Greta LaFleur, an Associate Professor of American Studies at Yale who identifies as ‘queer' and a self-described “angry homosexual” on Twitter, has offered a take on the Pete and Chasten Buttigieg TIME magazine cover in the Los Angeles Review of Books.
Writes LaFleur: “This photo also tells a profound story about whiteness, above and beyond the fact that almost everything in this photo is, itself, white. It's such an all-consuming aesthetic, here, that it practically resists interpretation; like the generically familiar (to me, a white person) porch, the cover photo claims that there's nothing to see, because we already know what it is. We have seen this image, we know this couple, ‘we' should be comfortable. My ‘we' is particular to me, but then again, I am more or less exactly who this photo is aimed at. As a queer person, I also notice the quasi-uniform-like aesthetic of Pete and Chasten — I wondered, for a second, if they were actually wearing the same pair of pants — marveling for a moment at the sartorial doppel-banging that at first seems to claim center stage in this photo, before realizing that, instead, there's actually no sex at center stage, here. And that is part of the point.”
LaFleur argues of the “structural power” image: “one of its defining features is its heterosexuality. It's offering us the promise that our first gay first family might actually be a straight one.”
She goes on to argue that the image co-opts an idea of “family” usually reserved for conservatives as the “antidote to the homosexual” and asks, “is this homonormativity? Or just heterosexuality? If straight people can be queer — as so many of them seem so impatient to explain to me — can't gay people also be straight?”

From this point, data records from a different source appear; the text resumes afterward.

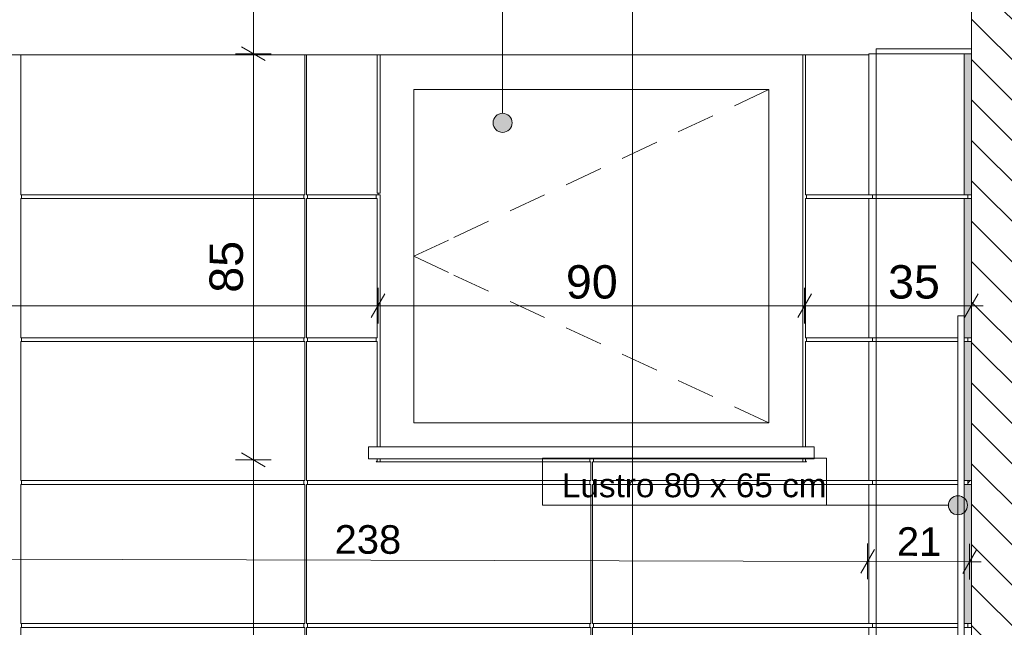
# Model space of a CAD drawing. Extents: x 180 to 5640, y 54 to 2910.
# Tile 6 of 8: x 3516 to 4549, y 1249 to 1887. Entities that reach past the tile are written whole.
import ezdxf
from ezdxf.xclip import XClip

# ---------------------------------------------------------------- set-up
doc = ezdxf.new("R2010")
doc.units = 0
doc.header["$MEASUREMENT"] = 0
doc.header["$XCLIPFRAME"] = 0
for name, color, linetype in [('230-A Ściany działowe', 7, 'Continuous'), ('300-W Płytki wnętrza', 7, 'Continuous'), ('320-W Umeblowanie', 7, 'Continuous'), ('332-W Wyposażenie dodatkowe - łazienka', 7, 'Continuous'), ('399-W Wymiary i opisy', 7, 'Continuous'), ('420-K Ściany', 7, 'Continuous'), ('820-G Rysunki Obrazki', 7, 'Continuous')]:
    doc.layers.add(name, color=color, linetype=linetype)
doc.styles.add('STYL_AUTOMATYCZNY_2', font='arial.ttf')
doc.styles.add('STYL_AUTOMATYCZNY_3', font='arial.ttf')
pattern_1 = [(45, (26584.86, 776.43), (-88.38835, 88.38835), []), (45, (26567.18, 794.11), (-88.38835, 88.38835), []), (45, (26549.5, 811.79), (-88.38835, 88.38835), [])]

# ---------------------------------------------------------------- blocks, each defined once
blk = doc.blocks.new('Rysunek_1_1', base_point=(26584.9, 776.4))
at = {"layer": '300-W Płytki wnętrza', "linetype": 'Continuous', "lineweight": 0, "true_color": 0xbedebe}
for points in [[(4514.9, 1851.4), (4507.4, 1851.4), (4507.4, 1703.4), (4514.9, 1703.4)], [(4514.9, 1699.4), (4507.4, 1699.4), (4507.4, 1553.4), (4514.9, 1553.4)], [(4514.9, 1549.4), (4507.4, 1549.4), (4507.4, 1403.4), (4514.9, 1403.4)], [(4514.9, 1399.4), (4507.4, 1399.4), (4507.4, 1253.4), (4514.9, 1253.4)]]:
    blk.add_hatch(color=9, dxfattribs=at).paths.add_polyline_path(points)
at = {"layer": '300-W Płytki wnętrza', "linetype": 'Continuous', "lineweight": 0}
h = blk.add_hatch(dxfattribs=at)
h.set_pattern_fill('Aluminium_0001', color=94, style=0, pattern_type=2)
h.set_pattern_definition(pattern_1)
h.paths.add_polyline_path([(4514.9, 1703.4), (4511.1, 1703.4), (4511.1, 1699.4), (4514.9, 1699.4)])
h = blk.add_hatch(dxfattribs=at)
h.set_pattern_fill('Aluminium_0001', color=94, style=0, pattern_type=2)
h.set_pattern_definition(pattern_1)
h.paths.add_polyline_path([(4514.9, 1553.4), (4511.1, 1553.4), (4511.1, 1549.4), (4514.9, 1549.4)])
h = blk.add_hatch(dxfattribs=at)
h.set_pattern_fill('Aluminium_0001', color=94, style=0, pattern_type=2)
h.set_pattern_definition(pattern_1)
h.paths.add_polyline_path([(4514.9, 1403.4), (4511.1, 1403.4), (4511.1, 1399.4), (4514.9, 1399.4)])
h = blk.add_hatch(dxfattribs=at)
h.set_pattern_fill('Aluminium_0001', color=94, style=0, pattern_type=2)
h.set_pattern_definition(pattern_1)
h.paths.add_polyline_path([(4514.9, 1253.4), (4511.1, 1253.4), (4511.1, 1249.4), (4514.9, 1249.4)])
at = {"layer": '420-K Ściany', "linetype": 'Continuous', "lineweight": 13}
h = blk.add_hatch(dxfattribs=at)
h.set_pattern_fill('Ściany_istniejące_0001', color=8, style=0, pattern_type=2)
h.set_pattern_definition([(135, (26584.855, 776.434), (21.213203, 21.213203), [])])
h.paths.add_polyline_path([(4514.9, 2036.4), (4514.9, 738.9), (4577.4, 738.9), (4577.4, 2036.4)])
at = {"layer": '820-G Rysunki Obrazki', "linetype": 'Continuous', "lineweight": 13}
for points in [[(4013, 1778.9), (4013.7, 1775.1), (4015.9, 1771.8), (4019.2, 1769.7), (4023, 1768.9), (4026.8, 1769.7), (4030.1, 1771.8), (4032.2, 1775.1), (4033, 1778.9), (4032.2, 1782.7), (4030.1, 1786), (4026.8, 1788.2), (4023, 1788.9), (4019.2, 1788.2), (4015.9, 1786), (4013.7, 1782.7)], [(4490.7, 1377.5), (4491.4, 1373.6), (4493.6, 1370.4), (4496.9, 1368.2), (4500.7, 1367.5), (4504.5, 1368.2), (4507.8, 1370.4), (4509.9, 1373.6), (4510.7, 1377.5), (4509.9, 1381.3), (4507.8, 1384.5), (4504.5, 1386.7), (4500.7, 1387.5), (4496.9, 1386.7), (4493.6, 1384.5), (4491.4, 1381.3)]]:
    blk.add_hatch(color=154, dxfattribs=at).paths.add_polyline_path(points)
at = {"layer": '230-A Ściany działowe', "color": 94, "linetype": 'Continuous', "lineweight": 0, "ltscale": 0.5}
for p, q in [((4421.1, 1856.4), (4414.9, 1856.4)), ((4414.9, 1851.4), (4414.9, 1856.4)), ((4427.4, 1856.4), (4421.1, 1856.4)), ((4514.9, 1856.4), (4427.4, 1856.4))]:
    blk.add_line(p, q, dxfattribs=at)
at = {"layer": '300-W Płytki wnętrza', "color": 94, "linetype": 'Continuous', "lineweight": 0, "ltscale": 0.5}
for p, q in [((3517.4, 1850.2), (3517.4, 1703.4)), ((3815.4, 1703.4), (3815.4, 1850.2)), ((3817.4, 1850.2), (3817.4, 1703.4)), ((3891.4, 1705.2), (3891.4, 1850.2)), ((3894.4, 1705.2), (3894.4, 1850.2)), ((4337.9, 1701.4), (4337.9, 1850.2)), ((4340.9, 1850.2), (4340.9, 1703.4)), ((4407.4, 1703.4), (4407.4, 1851.4)), ((4414.9, 1851.4), (4407.4, 1851.4)), ((4507.4, 1851.4), (4414.9, 1851.4)), ((4414.9, 1851.4), (4414.9, 1703.4)), ((4507.4, 1851.4), (4507.4, 1703.4)), ((4514.9, 1851.4), (4507.4, 1851.4)), ((3892.4, 1705.2), (3891.4, 1705.2)), ((3892.4, 1703.4), (3892.4, 1705.2)), ((3892.4, 1705.2), (3894.4, 1705.2)), ((3517.4, 1703.4), (3815.4, 1703.4)), ((3815.4, 1699.4), (3517.4, 1699.4)), ((3517.4, 1699.4), (3517.4, 1553.4)), ((3518.4, 1701.4), (3518.4, 1703.4)), ((3518.4, 1699.4), (3518.4, 1701.4)), ((3814.4, 1701.4), (3814.4, 1703.4)), ((3814.4, 1699.4), (3814.4, 1701.4)), ((3815.4, 1553.4), (3815.4, 1699.4)), ((3817.4, 1703.4), (3892.4, 1703.4)), ((3891.4, 1699.4), (3817.4, 1699.4)), ((3817.4, 1699.4), (3817.4, 1553.4)), ((3818.4, 1701.4), (3818.4, 1703.4)), ((3818.4, 1699.4), (3818.4, 1701.4)), ((3890.4, 1699.4), (3890.4, 1703.4)), ((3891.4, 1553.4), (3891.4, 1699.4)), ((3892.4, 1703.4), (3894.4, 1703.4)), ((3894.4, 1551.4), (3894.4, 1703.4)), ((4337.9, 1551.4), (4337.9, 1701.4)), ((4340.9, 1703.4), (4407.4, 1703.4)), ((4407.4, 1699.4), (4340.9, 1699.4)), ((4340.9, 1699.4), (4340.9, 1553.4)), ((4341.9, 1701.4), (4341.9, 1703.4)), ((4341.9, 1699.4), (4341.9, 1701.4)), ((4411.1, 1703.4), (4407.4, 1703.4)), ((4407.4, 1553.4), (4407.4, 1699.4)), ((4411.1, 1699.4), (4407.4, 1699.4)), ((4414.9, 1703.4), (4411.1, 1703.4)), ((4411.1, 1703.4), (4411.1, 1699.4)), ((4411.1, 1699.4), (4414.9, 1699.4)), ((4414.9, 1699.4), (4414.9, 1703.4)), ((4414.9, 1703.4), (4507.4, 1703.4)), ((4507.4, 1699.4), (4414.9, 1699.4)), ((4414.9, 1699.4), (4414.9, 1553.4)), ((4511.1, 1703.4), (4507.4, 1703.4)), ((4507.4, 1699.4), (4507.4, 1576.4)), ((4511.1, 1699.4), (4507.4, 1699.4)), ((4511.1, 1703.4), (4511.1, 1699.4)), ((4514.9, 1703.4), (4511.1, 1703.4)), ((4514.9, 1699.4), (4511.1, 1699.4)), ((3517.4, 1553.4), (3815.4, 1553.4)), ((3518.4, 1551.4), (3518.4, 1553.4)), ((3518.4, 1549.4), (3518.4, 1551.4)), ((3814.4, 1551.4), (3814.4, 1553.4)), ((3814.4, 1549.4), (3814.4, 1551.4)), ((3817.4, 1553.4), (3891.4, 1553.4)), ((3818.4, 1551.4), (3818.4, 1553.4)), ((3818.4, 1549.4), (3818.4, 1551.4)), ((3890.4, 1551.4), (3890.4, 1553.4)), ((3890.4, 1549.4), (3890.4, 1551.4)), ((3894.4, 1438.9), (3894.4, 1551.4)), ((4337.9, 1438.9), (4337.9, 1551.4)), ((4340.9, 1553.4), (4407.4, 1553.4)), ((4341.9, 1551.4), (4341.9, 1553.4)), ((4341.9, 1549.4), (4341.9, 1551.4)), ((4411.1, 1553.4), (4407.4, 1553.4)), ((4414.9, 1553.4), (4411.1, 1553.4)), ((4411.1, 1553.4), (4411.1, 1549.4)), ((4414.9, 1549.4), (4414.9, 1553.4)), ((4414.9, 1553.4), (4500.7, 1553.4)), ((4511.1, 1553.4), (4507.4, 1553.4)), ((4511.1, 1553.4), (4511.1, 1549.4)), ((4514.9, 1553.4), (4511.1, 1553.4)), ((3815.4, 1549.4), (3517.4, 1549.4)), ((3517.4, 1549.4), (3517.4, 1403.4)), ((3815.4, 1403.4), (3815.4, 1549.4)), ((3891.4, 1549.4), (3817.4, 1549.4)), ((3817.4, 1549.4), (3817.4, 1403.4)), ((3891.4, 1438.9), (3891.4, 1549.4)), ((4407.4, 1549.4), (4340.9, 1549.4)), ((4340.9, 1549.4), (4340.9, 1438.9)), ((4407.4, 1403.4), (4407.4, 1549.4)), ((4411.1, 1549.4), (4407.4, 1549.4)), ((4411.1, 1549.4), (4414.9, 1549.4)), ((4500.7, 1549.4), (4414.9, 1549.4)), ((4414.9, 1549.4), (4414.9, 1403.4)), ((4511.1, 1549.4), (4507.4, 1549.4)), ((4514.9, 1549.4), (4511.1, 1549.4)), ((3891.4, 1424.2), (3891.4, 1426.4)), ((3894.4, 1423.2), (3894.4, 1426.4)), ((4114.4, 1423.2), (4114.4, 1426.4)), ((4118.4, 1423.2), (4118.4, 1426.4)), ((4337.9, 1423.2), (4337.9, 1426.4)), ((4340.9, 1426.4), (4340.9, 1424.2)), ((3890.4, 1423.2), (3891.4, 1424.2)), ((4115.4, 1423.2), (3890.4, 1423.2)), ((4115.4, 1403.4), (4115.4, 1423.2)), ((4341.9, 1423.2), (4117.4, 1423.2)), ((4117.4, 1423.2), (4117.4, 1403.4)), ((4340.9, 1424.2), (4341.9, 1423.2)), ((3517.4, 1403.4), (3815.4, 1403.4)), ((3815.4, 1399.4), (3517.4, 1399.4)), ((3517.4, 1399.4), (3517.4, 1253.4)), ((3518.4, 1401.4), (3518.4, 1403.4)), ((3518.4, 1399.4), (3518.4, 1401.4)), ((3814.4, 1401.4), (3814.4, 1403.4)), ((3814.4, 1399.4), (3814.4, 1401.4)), ((3815.4, 1253.4), (3815.4, 1399.4)), ((3817.4, 1403.4), (4115.4, 1403.4)), ((4115.4, 1399.4), (3817.4, 1399.4)), ((3817.4, 1399.4), (3817.4, 1253.4)), ((3818.4, 1401.4), (3818.4, 1403.4)), ((3818.4, 1399.4), (3818.4, 1401.4)), ((4114.4, 1401.4), (4114.4, 1403.4)), ((4114.4, 1399.4), (4114.4, 1401.4)), ((4115.4, 1253.4), (4115.4, 1399.4)), ((4117.4, 1403.4), (4407.4, 1403.4)), ((4407.4, 1399.4), (4117.4, 1399.4)), ((4117.4, 1399.4), (4117.4, 1253.4)), ((4118.4, 1401.4), (4118.4, 1403.4)), ((4118.4, 1399.4), (4118.4, 1401.4)), ((4411.1, 1403.4), (4407.4, 1403.4)), ((4407.4, 1253.4), (4407.4, 1399.4)), ((4411.1, 1399.4), (4407.4, 1399.4)), ((4414.9, 1403.4), (4411.1, 1403.4)), ((4411.1, 1403.4), (4411.1, 1399.4)), ((4411.1, 1399.4), (4414.9, 1399.4)), ((4414.9, 1399.4), (4414.9, 1403.4)), ((4414.9, 1403.4), (4500.7, 1403.4)), ((4500.7, 1399.4), (4414.9, 1399.4)), ((4414.9, 1399.4), (4414.9, 1253.4)), ((4511.1, 1403.4), (4507.4, 1403.4)), ((4511.1, 1399.4), (4507.4, 1399.4)), ((4511.1, 1403.4), (4511.1, 1399.4)), ((4514.9, 1403.4), (4511.1, 1403.4)), ((4514.9, 1399.4), (4511.1, 1399.4)), ((3517.4, 1253.4), (3815.4, 1253.4)), ((3518.4, 1251.4), (3518.4, 1253.4)), ((3518.4, 1249.4), (3518.4, 1251.4)), ((3814.4, 1251.4), (3814.4, 1253.4)), ((3814.4, 1249.4), (3814.4, 1251.4)), ((3817.4, 1253.4), (4115.4, 1253.4)), ((3818.4, 1251.4), (3818.4, 1253.4)), ((3818.4, 1249.4), (3818.4, 1251.4)), ((4114.4, 1251.4), (4114.4, 1253.4)), ((4114.4, 1249.4), (4114.4, 1251.4)), ((4117.4, 1253.4), (4407.4, 1253.4)), ((4118.4, 1251.4), (4118.4, 1253.4)), ((4118.4, 1249.4), (4118.4, 1251.4)), ((4411.1, 1253.4), (4407.4, 1253.4)), ((4414.9, 1253.4), (4411.1, 1253.4)), ((4411.1, 1253.4), (4411.1, 1249.4)), ((4414.9, 1249.4), (4414.9, 1253.4)), ((4414.9, 1253.4), (4500.7, 1253.4)), ((4511.1, 1253.4), (4507.4, 1253.4)), ((4511.1, 1253.4), (4511.1, 1249.4)), ((4514.9, 1253.4), (4511.1, 1253.4)), ((3815.4, 1249.4), (3517.4, 1249.4)), ((3517.4, 1249.4), (3517.4, 1103.4)), ((3815.4, 1103.4), (3815.4, 1249.4)), ((4115.4, 1249.4), (3817.4, 1249.4)), ((3817.4, 1249.4), (3817.4, 1103.4)), ((4115.4, 1176.4), (4115.4, 1249.4)), ((4407.4, 1249.4), (4117.4, 1249.4)), ((4117.4, 1249.4), (4117.4, 1176.4)), ((4407.4, 1197.5), (4407.4, 1249.4)), ((4411.1, 1249.4), (4407.4, 1249.4)), ((4411.1, 1249.4), (4414.9, 1249.4)), ((4500.7, 1249.4), (4414.9, 1249.4)), ((4414.9, 1249.4), (4414.9, 1197.5)), ((4511.1, 1249.4), (4507.4, 1249.4)), ((4514.9, 1249.4), (4511.1, 1249.4))]:
    blk.add_line(p, q, dxfattribs=at)
at = {"layer": '320-W Umeblowanie', "color": 94, "linetype": 'Continuous', "lineweight": 0, "ltscale": 0.5}
blk.add_line((3217.4, 1850.2), (4407.4, 1850.2), dxfattribs=at)
at = {"layer": '332-W Wyposażenie dodatkowe - łazienka', "color": 150, "linetype": 'Continuous', "lineweight": 20, "ltscale": 0.5}
for p, q in [((4500.7, 1576.4), (4500.7, 1176.4)), ((4507.4, 1576.4), (4500.7, 1576.4)), ((4507.4, 1576.4), (4507.4, 1553.4)), ((4507.4, 1553.4), (4507.4, 1549.4)), ((4507.4, 1549.4), (4507.4, 1403.4)), ((4507.4, 1403.4), (4507.4, 1399.4)), ((4507.4, 1399.4), (4507.4, 1253.4)), ((4507.4, 1253.4), (4507.4, 1249.4)), ((4507.4, 1249.4), (4507.4, 1176.4))]:
    blk.add_line(p, q, dxfattribs=at)
at = {"layer": '399-W Wymiary i opisy', "color": 154, "linetype": 'Continuous', "lineweight": 13, "ltscale": 0.5}
for p, q in [((3761.5, 1851.4), (3761.5, 2036.4)), ((3780.3, 1851.4), (3742.8, 1851.4)), ((3749, 1858.7), (3774, 1844.2)), ((3761.5, 1425.2), (3761.5, 1851.4)), ((3892.4, 1568.2), (3892.4, 1605.7)), ((4339.9, 1568.2), (4339.9, 1605.7)), ((4514.9, 1568.2), (4514.9, 1605.7)), ((3899.6, 1599.5), (3885.1, 1574.5)), ((4347.1, 1599.5), (4332.6, 1574.5)), ((4507.6, 1574.5), (4522.1, 1599.5)), ((2739.9, 1587), (3892.4, 1587)), ((3892.4, 1587), (4339.9, 1587)), ((4339.9, 1587), (4514.9, 1587)), ((4514.9, 1587), (4527.1, 1587)), ((3749, 1432.4), (3774, 1418)), ((3780.3, 1425.2), (3742.8, 1425.2)), ((3761.5, 776.4), (3761.5, 1425.2)), ((4405.9, 1299.9), (4406, 1337.4)), ((4512.9, 1299.6), (4513, 1337.1)), ((4413.2, 1331.1), (4398.7, 1306.1)), ((4505.7, 1305.9), (4520.2, 1330.8)), ((3216, 1321.7), (4406, 1318.6)), ((4406, 1318.6), (4513, 1318.3)), ((4513, 1318.3), (4525.2, 1318.3))]:
    blk.add_line(p, q, dxfattribs=at)
at = {"layer": '420-K Ściany', "color": 7, "linetype": 'Continuous', "lineweight": 13, "ltscale": 0.5}
for p, q in [((4514.9, 2036.4), (4514.9, 1851.4)), ((3929.9, 1463.9), (3929.9, 1813.9)), ((3929.9, 1813.9), (4302.4, 1813.9)), ((4302.4, 1813.9), (4266.2, 1796.9)), ((4302.4, 1813.9), (4302.4, 1463.9)), ((4243.5, 1786.3), (4207.3, 1769.3)), ((4184.7, 1758.7), (4148.5, 1741.6)), ((4125.9, 1731), (4089.7, 1714)), ((4067, 1703.4), (4030.8, 1686.4)), ((4008.2, 1675.7), (3972, 1658.7)), ((3966.1, 1655.9), (3929.9, 1638.9)), ((3966.1, 1621.9), (3929.9, 1638.9)), ((4008.2, 1602.1), (3972, 1619.1)), ((4067, 1574.5), (4030.8, 1591.5)), ((4125.9, 1546.9), (4089.7, 1563.9)), ((4184.7, 1519.2), (4148.5, 1536.2)), ((4243.5, 1491.6), (4207.3, 1508.6)), ((4302.4, 1463.9), (4266.2, 1480.9)), ((4302.4, 1463.9), (3929.9, 1463.9)), ((4349.9, 1438.9), (3882.4, 1438.9)), ((3882.4, 1426.4), (3882.4, 1438.9)), ((4349.9, 1426.4), (4349.9, 1438.9)), ((4349.9, 1426.4), (3882.4, 1426.4))]:
    blk.add_line(p, q, dxfattribs=at)
at = {"layer": '420-K Ściany', "color": 7, "linetype": 'Continuous', "lineweight": 13, "ltscale": 0.5, "flags": 128}
blk.add_lwpolyline([(4514.9, 1851.4), (4514.9, 1703.4), (4514.9, 1699.4), (4514.9, 1553.4), (4514.9, 1549.4), (4514.9, 1403.4), (4514.9, 1399.4), (4514.9, 1253.4), (4514.9, 1249.4), (4514.9, 1176.4), (4514.9, 1146.4), (4514.9, 1103.4), (4514.9, 1099.4), (4514.9, 953.4), (4514.9, 949.4), (4514.9, 803.4), (4514.9, 799.4), (4514.9, 776.4), (4514.9, 766.4), (4514.9, 763.9), (4514.9, 748.9)], dxfattribs=at)
at = {"layer": '820-G Rysunki Obrazki', "color": 154, "linetype": 'Continuous', "lineweight": 13, "ltscale": 0.5}
for p, q in [((4023, 1788.9), (4023, 2610.5)), ((4159.4, 1197.1), (4159.4, 2353.9)), ((4362.8, 1426.8), (4064.7, 1426.8)), ((4064.7, 1426.8), (4064.7, 1377.5)), ((4362.8, 1377.5), (4362.8, 1426.8)), ((4064.7, 1377.5), (4362.8, 1377.5)), ((4362.8, 1377.5), (4064.7, 1377.5)), ((4490.7, 1377.5), (4362.8, 1377.5))]:
    blk.add_line(p, q, dxfattribs=at)
for centre in [(4023, 1778.9), (4500.7, 1377.5)]:
    blk.add_circle(centre, 10, dxfattribs=at)
at = {"layer": '399-W Wymiary i opisy', "color": 154, "linetype": 'Continuous', "lineweight": 13, "attachment_point": 7, "style": 'STYL_AUTOMATYCZNY_2'}
for s, insert, char_height, width, rotation in [('\\A1;{\\pql;\\fArial|b0|i0|c238|p0;\\W1.000000;85}', (3751, 1600.6), 35, 53.391, 90), ('\\A1;{\\pql;\\fArial|b0|i0|c238|p0;\\W1.000000;238}', (3846.7, 1326.3), 30, 68.645, 359.85), ('\\A1;{\\pql;\\fArial|b0|i0|c238|p0;\\W1.000000;21}', (4436.6, 1324.5), 30, 45.764, 359.85)]:
    blk.add_mtext(s, dxfattribs=dict(at, insert=insert, char_height=char_height, width=width, rotation=rotation))
at = {"layer": '399-W Wymiary i opisy', "color": 154, "linetype": 'Continuous', "lineweight": 13, "char_height": 35, "width": 53.391, "attachment_point": 7, "style": 'STYL_AUTOMATYCZNY_2'}
for s, insert in [('\\A1;{\\pql;\\fArial|b0|i0|c238|p0;\\W1.000000;90}', (4089.4, 1594)), ('\\A1;{\\pql;\\fArial|b0|i0|c238|p0;\\W1.000000;35}', (4427.4, 1594))]:
    blk.add_mtext(s, dxfattribs=dict(at, insert=insert))
at = {"layer": '820-G Rysunki Obrazki', "color": 154, "linetype": 'Continuous', "lineweight": 13, "insert": (4362.8, 1385.6), "char_height": 25, "attachment_point": 9, "style": 'STYL_AUTOMATYCZNY_3'}
blk.add_mtext('\\A1;{\\pqr;\\fArial|b0|i0|c238|p0;\\W1.000000;Lustro 80 x 65 cm}', dxfattribs=at)

msp = doc.modelspace()

# ---------------------------------------------------------------- block references
at = {"layer": '820-G Rysunki Obrazki', "color": 7, "linetype": 'Continuous', "lineweight": 13, "ltscale": 0.1}
ref = msp.add_blockref('Rysunek_1_1', (26584.9, 776.4), dxfattribs=at)
XClip(ref).set_block_clipping_path([(2462.3912428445, 261.6758448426), (4682.831552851, 2724.0588953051)])

doc.saveas('drawing.dxf')

The Buttigieg's clothing, the tulips, the porch, everything in the photo, “the awkwardly minimal touching that invokes the most uncomfortable, unfamiliar, culturally-heterosexual embrace any of us have ever received — offers a vision of heterosexuality without straight people,” LaFleur adds.
LaFleur notes that Pete and Chasten, despite their “heterosexual” coding, will probably face an extreme amount of homophobia and argues that “heterosexuality has become portable” – its latest incarnation, apparently, in this image. And it's a heterosexuality that doesn't include women.